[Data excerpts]
<<<<

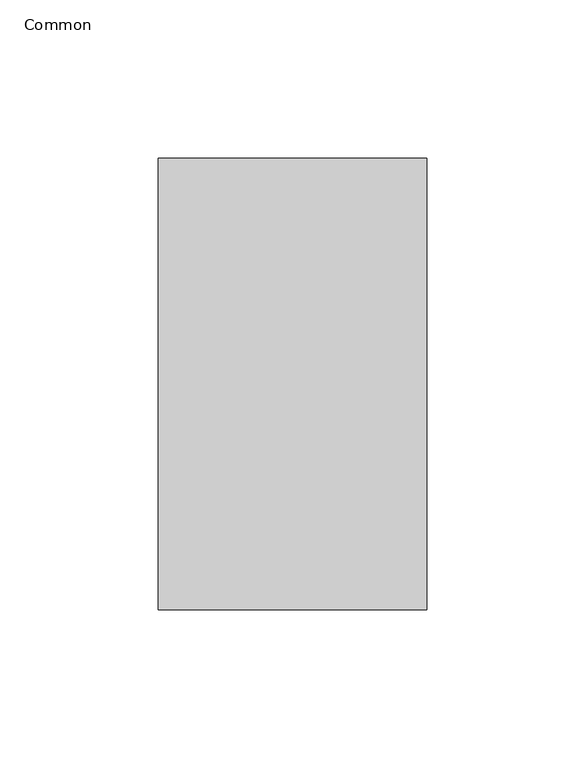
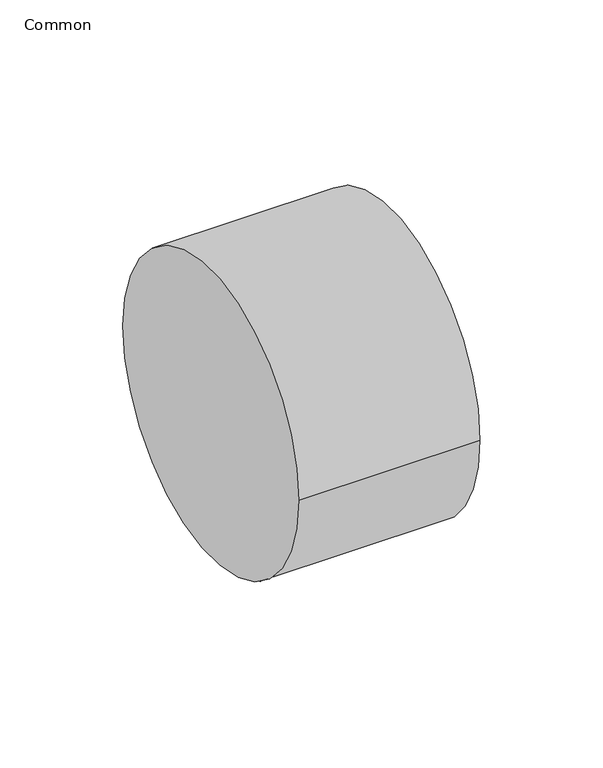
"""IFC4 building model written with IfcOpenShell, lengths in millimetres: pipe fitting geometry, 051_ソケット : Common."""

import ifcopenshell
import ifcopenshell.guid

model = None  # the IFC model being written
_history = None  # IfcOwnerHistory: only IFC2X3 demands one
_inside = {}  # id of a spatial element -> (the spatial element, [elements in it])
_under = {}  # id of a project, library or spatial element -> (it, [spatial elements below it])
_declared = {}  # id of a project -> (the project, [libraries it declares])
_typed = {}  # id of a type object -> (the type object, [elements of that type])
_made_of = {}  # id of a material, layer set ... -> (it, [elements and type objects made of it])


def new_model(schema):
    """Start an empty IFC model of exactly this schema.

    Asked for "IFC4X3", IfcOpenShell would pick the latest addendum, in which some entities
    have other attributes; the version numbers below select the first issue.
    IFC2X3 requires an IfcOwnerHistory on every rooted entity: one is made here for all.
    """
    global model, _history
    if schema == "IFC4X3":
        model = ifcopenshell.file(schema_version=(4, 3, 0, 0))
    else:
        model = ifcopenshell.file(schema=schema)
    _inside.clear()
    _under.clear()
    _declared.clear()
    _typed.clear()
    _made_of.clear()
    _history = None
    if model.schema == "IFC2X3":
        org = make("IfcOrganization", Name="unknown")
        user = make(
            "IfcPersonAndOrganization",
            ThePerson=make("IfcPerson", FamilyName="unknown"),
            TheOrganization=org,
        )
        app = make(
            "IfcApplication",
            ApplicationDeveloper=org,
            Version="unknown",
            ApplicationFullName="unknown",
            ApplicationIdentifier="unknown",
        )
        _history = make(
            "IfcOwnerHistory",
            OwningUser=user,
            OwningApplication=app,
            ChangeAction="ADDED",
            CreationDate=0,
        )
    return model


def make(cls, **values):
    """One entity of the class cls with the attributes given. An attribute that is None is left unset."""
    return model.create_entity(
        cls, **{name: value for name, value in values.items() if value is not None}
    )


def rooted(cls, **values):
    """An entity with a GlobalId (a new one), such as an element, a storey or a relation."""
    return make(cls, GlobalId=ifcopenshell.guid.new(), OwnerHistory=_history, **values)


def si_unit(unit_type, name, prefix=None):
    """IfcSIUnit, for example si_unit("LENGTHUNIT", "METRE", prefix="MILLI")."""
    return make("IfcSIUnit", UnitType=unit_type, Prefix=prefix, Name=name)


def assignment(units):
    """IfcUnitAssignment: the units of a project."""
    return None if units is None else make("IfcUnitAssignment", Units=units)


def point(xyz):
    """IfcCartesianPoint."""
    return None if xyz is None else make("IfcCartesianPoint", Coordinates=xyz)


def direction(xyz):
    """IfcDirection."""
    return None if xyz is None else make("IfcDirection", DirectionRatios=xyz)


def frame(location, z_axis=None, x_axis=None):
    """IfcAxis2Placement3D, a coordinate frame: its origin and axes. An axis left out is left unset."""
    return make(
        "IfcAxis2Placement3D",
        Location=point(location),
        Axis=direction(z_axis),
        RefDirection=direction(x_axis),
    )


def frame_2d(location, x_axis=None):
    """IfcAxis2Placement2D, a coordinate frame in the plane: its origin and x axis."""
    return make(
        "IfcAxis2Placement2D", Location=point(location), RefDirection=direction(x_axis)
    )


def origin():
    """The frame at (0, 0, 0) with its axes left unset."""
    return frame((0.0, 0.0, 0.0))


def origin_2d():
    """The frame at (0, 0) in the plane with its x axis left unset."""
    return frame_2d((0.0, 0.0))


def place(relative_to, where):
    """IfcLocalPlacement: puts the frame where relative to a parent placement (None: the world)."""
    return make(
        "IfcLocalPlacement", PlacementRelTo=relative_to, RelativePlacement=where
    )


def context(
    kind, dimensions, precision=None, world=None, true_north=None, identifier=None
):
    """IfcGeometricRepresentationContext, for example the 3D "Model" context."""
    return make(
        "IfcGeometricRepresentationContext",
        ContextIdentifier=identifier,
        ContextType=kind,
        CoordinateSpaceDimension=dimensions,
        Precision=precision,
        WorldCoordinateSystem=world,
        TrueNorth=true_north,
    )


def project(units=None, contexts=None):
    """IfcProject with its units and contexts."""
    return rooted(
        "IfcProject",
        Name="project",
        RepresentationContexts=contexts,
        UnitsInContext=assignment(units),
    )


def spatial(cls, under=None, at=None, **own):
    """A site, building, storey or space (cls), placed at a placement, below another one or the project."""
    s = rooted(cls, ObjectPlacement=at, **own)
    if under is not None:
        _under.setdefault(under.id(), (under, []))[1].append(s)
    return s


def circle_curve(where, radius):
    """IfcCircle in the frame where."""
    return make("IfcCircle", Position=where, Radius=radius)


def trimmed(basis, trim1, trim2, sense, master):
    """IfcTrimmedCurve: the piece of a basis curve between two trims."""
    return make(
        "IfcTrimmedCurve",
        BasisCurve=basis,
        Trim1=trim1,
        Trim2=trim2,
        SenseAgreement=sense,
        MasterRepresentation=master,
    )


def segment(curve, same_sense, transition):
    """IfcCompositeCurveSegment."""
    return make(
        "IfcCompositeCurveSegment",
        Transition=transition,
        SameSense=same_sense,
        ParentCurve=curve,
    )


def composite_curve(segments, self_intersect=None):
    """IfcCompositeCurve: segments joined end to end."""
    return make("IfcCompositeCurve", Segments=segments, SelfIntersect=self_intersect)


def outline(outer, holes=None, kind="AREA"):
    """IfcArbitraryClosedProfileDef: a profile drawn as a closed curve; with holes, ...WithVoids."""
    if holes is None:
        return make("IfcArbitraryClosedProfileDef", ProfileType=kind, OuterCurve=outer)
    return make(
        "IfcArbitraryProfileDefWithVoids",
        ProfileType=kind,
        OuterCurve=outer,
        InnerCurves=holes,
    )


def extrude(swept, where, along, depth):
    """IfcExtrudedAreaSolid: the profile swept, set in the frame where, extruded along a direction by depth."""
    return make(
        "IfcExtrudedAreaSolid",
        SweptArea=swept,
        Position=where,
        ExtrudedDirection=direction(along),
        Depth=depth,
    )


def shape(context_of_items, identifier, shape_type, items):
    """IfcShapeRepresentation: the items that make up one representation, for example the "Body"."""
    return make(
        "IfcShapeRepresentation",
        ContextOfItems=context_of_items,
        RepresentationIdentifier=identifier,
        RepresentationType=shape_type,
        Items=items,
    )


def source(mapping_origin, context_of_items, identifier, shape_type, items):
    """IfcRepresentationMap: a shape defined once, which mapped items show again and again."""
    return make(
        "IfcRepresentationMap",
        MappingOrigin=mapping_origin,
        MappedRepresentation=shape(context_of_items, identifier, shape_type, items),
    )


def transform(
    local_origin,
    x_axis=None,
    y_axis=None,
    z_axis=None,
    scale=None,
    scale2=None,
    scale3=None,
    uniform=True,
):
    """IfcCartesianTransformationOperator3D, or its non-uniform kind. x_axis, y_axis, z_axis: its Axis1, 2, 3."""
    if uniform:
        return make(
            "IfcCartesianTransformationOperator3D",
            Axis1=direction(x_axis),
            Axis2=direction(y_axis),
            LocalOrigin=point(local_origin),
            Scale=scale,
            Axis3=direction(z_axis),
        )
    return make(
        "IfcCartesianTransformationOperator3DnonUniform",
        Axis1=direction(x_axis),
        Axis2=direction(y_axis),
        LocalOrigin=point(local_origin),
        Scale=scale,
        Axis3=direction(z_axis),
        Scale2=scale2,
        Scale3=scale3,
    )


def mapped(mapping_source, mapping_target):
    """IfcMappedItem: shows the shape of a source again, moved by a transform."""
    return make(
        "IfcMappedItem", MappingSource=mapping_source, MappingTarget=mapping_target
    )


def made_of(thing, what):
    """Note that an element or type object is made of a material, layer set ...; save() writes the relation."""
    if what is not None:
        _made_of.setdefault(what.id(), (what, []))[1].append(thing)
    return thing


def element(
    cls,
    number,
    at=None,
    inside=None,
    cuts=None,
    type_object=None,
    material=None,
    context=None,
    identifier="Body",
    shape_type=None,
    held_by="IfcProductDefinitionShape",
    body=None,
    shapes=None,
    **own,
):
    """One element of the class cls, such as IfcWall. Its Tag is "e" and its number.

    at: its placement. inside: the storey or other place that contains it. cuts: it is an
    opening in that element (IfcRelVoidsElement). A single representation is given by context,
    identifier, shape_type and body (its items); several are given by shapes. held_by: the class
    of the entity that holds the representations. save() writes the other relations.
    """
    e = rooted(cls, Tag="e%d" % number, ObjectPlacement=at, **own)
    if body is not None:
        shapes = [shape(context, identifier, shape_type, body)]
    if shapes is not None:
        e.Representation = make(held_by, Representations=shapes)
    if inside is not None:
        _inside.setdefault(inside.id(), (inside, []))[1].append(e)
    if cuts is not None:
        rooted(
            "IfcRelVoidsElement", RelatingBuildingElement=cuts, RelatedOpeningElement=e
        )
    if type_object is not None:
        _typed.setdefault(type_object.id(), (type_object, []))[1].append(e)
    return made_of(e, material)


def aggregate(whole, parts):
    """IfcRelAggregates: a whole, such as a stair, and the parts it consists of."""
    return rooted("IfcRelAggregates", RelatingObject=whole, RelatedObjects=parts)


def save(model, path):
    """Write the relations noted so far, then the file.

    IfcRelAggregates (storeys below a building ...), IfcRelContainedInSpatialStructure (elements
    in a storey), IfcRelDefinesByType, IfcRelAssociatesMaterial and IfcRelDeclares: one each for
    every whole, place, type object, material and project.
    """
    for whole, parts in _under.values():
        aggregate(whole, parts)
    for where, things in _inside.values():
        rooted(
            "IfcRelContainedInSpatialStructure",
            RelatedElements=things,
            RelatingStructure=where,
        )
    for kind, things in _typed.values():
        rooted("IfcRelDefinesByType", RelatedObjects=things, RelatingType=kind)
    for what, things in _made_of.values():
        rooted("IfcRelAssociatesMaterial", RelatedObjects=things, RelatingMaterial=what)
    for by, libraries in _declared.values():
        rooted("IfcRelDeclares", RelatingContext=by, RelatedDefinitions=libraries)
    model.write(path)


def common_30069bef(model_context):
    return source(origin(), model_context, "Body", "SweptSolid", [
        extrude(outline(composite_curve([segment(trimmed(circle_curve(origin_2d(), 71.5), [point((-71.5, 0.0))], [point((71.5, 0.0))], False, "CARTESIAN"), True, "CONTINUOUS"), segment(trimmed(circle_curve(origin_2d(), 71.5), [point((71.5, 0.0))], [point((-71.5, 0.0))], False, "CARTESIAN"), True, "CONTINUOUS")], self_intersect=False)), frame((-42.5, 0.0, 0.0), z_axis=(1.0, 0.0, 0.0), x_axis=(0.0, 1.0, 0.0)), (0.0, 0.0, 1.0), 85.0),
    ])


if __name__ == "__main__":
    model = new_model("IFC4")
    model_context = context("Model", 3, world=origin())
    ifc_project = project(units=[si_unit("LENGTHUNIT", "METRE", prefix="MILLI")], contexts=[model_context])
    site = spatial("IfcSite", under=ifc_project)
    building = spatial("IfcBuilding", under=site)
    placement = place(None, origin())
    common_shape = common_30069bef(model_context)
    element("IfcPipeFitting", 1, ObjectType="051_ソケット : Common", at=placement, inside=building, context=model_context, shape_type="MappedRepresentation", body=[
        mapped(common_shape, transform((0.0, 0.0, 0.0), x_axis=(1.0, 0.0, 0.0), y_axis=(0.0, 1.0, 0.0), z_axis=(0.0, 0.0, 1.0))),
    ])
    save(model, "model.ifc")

>>>>

▸ What is needed
From the entries above, extract each line containing "IfcRelVoidsElement".

▸ The answer
    opening in that element (IfcRelVoidsElement). A single representation is given by context,
            "IfcRelVoidsElement", RelatingBuildingElement=cuts, RelatedOpeningElement=e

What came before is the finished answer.